Safiya Nygaard (born July 16, 1992) is  an American YouTuber. She gained prominence through her work with BuzzFeed, creating the series LadyLike. Her video explaining why she left the network went viral. She is now known for her solo YouTube channel, containing content such as her Bad Makeup Science series.

Early life 
Nygaard was born in Santa Clara, California to a Danish father Niels Nygaard, who is a math professor by profession and an Indian mother Mumtaz. She has an younger brother named Adil Nygaard. She was raised in Chicago where she attended Whitney M. Young Magnet High School until 2010. Upon graduating from high school, she entered Stanford University where she completed a Bachelor of Arts degree in Drama and English.

Career 
Nygaard was hired by BuzzFeed in April 2015 and worked as a video producer for BuzzFeed's show Ladylike. She left BuzzFeed in January 2017. Nygaard explained her reasoning for leaving the company in her popular 2017 video titled "Why I Left BuzzFeed". "Why I Left BuzzFeed" has over 14.9 million views.

Nygaard appeared on the 2018 season of Escape the Night. She is known for her YouTube series "Bad Beauty Science" in which she has mixed together all of her liquid lipsticks, foundations, eye shadows and highlighters to create "Franken" products.
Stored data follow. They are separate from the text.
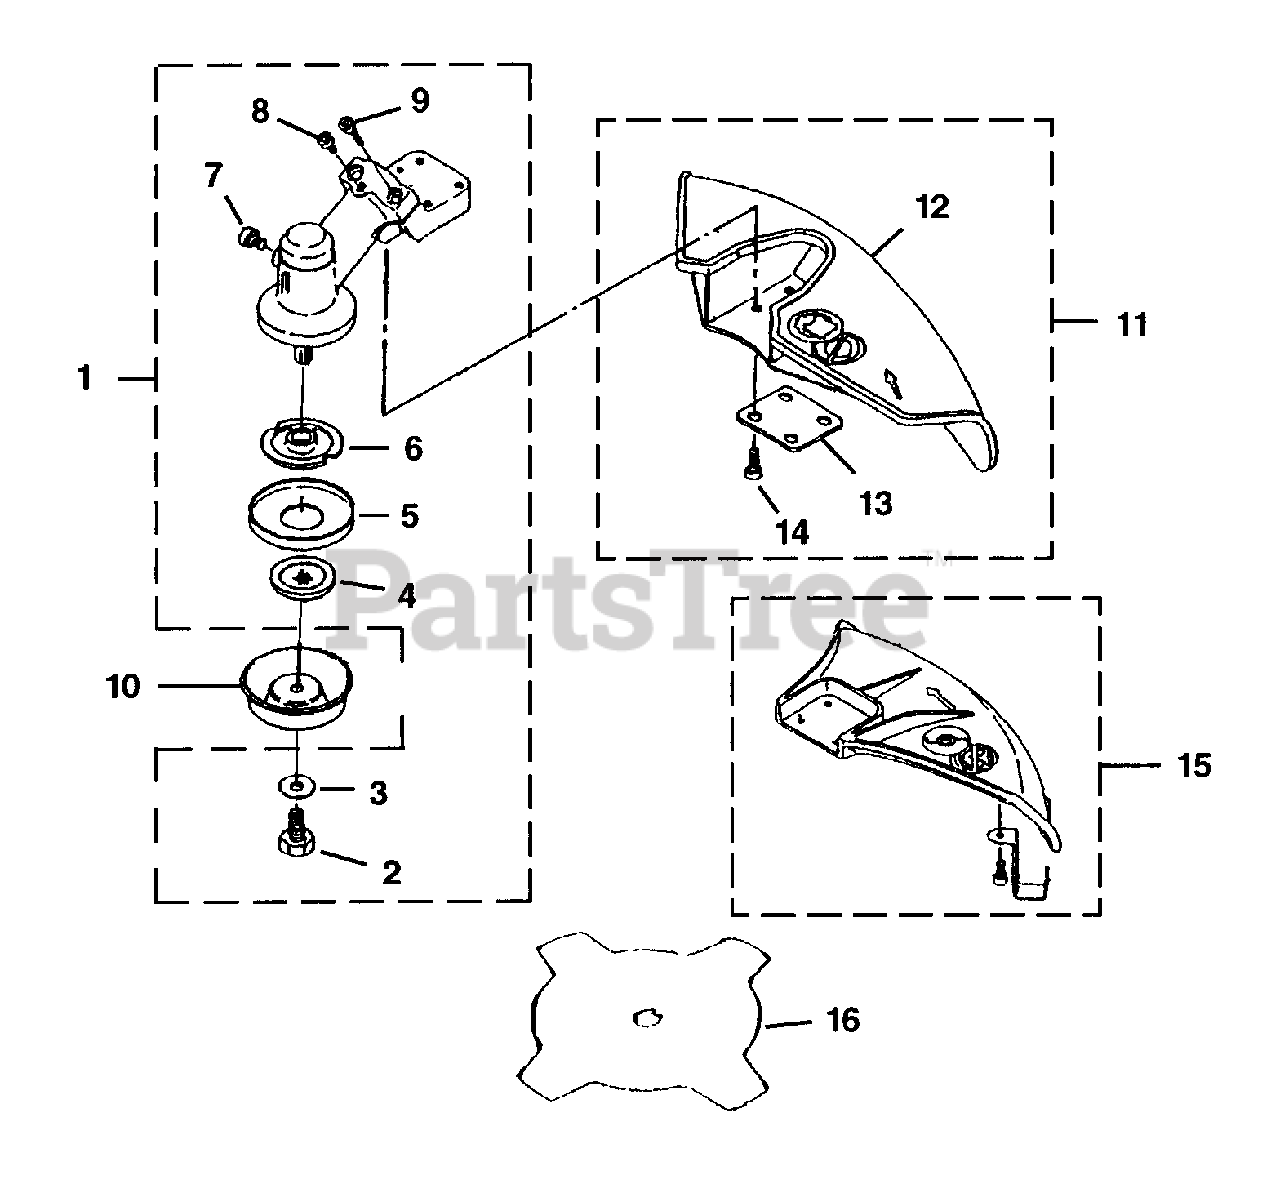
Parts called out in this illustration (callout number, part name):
1	GEAR CASE ASSY
2	BLADE BOLT M8, LH
4	BLADE CAP
5	GRASS COVER (B)
6	BLADE HOLDER
7	TORX BOLT M6 X 8
8	TORX BOLT M5 X 10
9	TORX SCREW M5 X 20
10	BOLT COVER
11	GUARD ASSEMBLY
14	TORX SCREW M5 X 20
15	GUARD COMPLETE
16	QUAD BLADE

Nygaard is often credited with starting a YouTube trend of mixing large quantities of a single type of beauty product together. She has also made several fashion related videos including wearing strange or novelty clothing items such as clear pants, 9-foot long jeans, and thigh-high Ugg boots.

In October 2019, Nygaard released a lipstick collection in collaboration with ColourPop. In 2022, Nygaard signed with the management company, Night.

Personal life 
Nygaard is married to YouTube collaborator Tyler Williams. Several YouTubers, including Jenna Mourey (Jenna Marbles), Shane Dawson, and Cristine Rotenberg (Simply Nailogical), attended Nygaard and Williams' 2019 wedding.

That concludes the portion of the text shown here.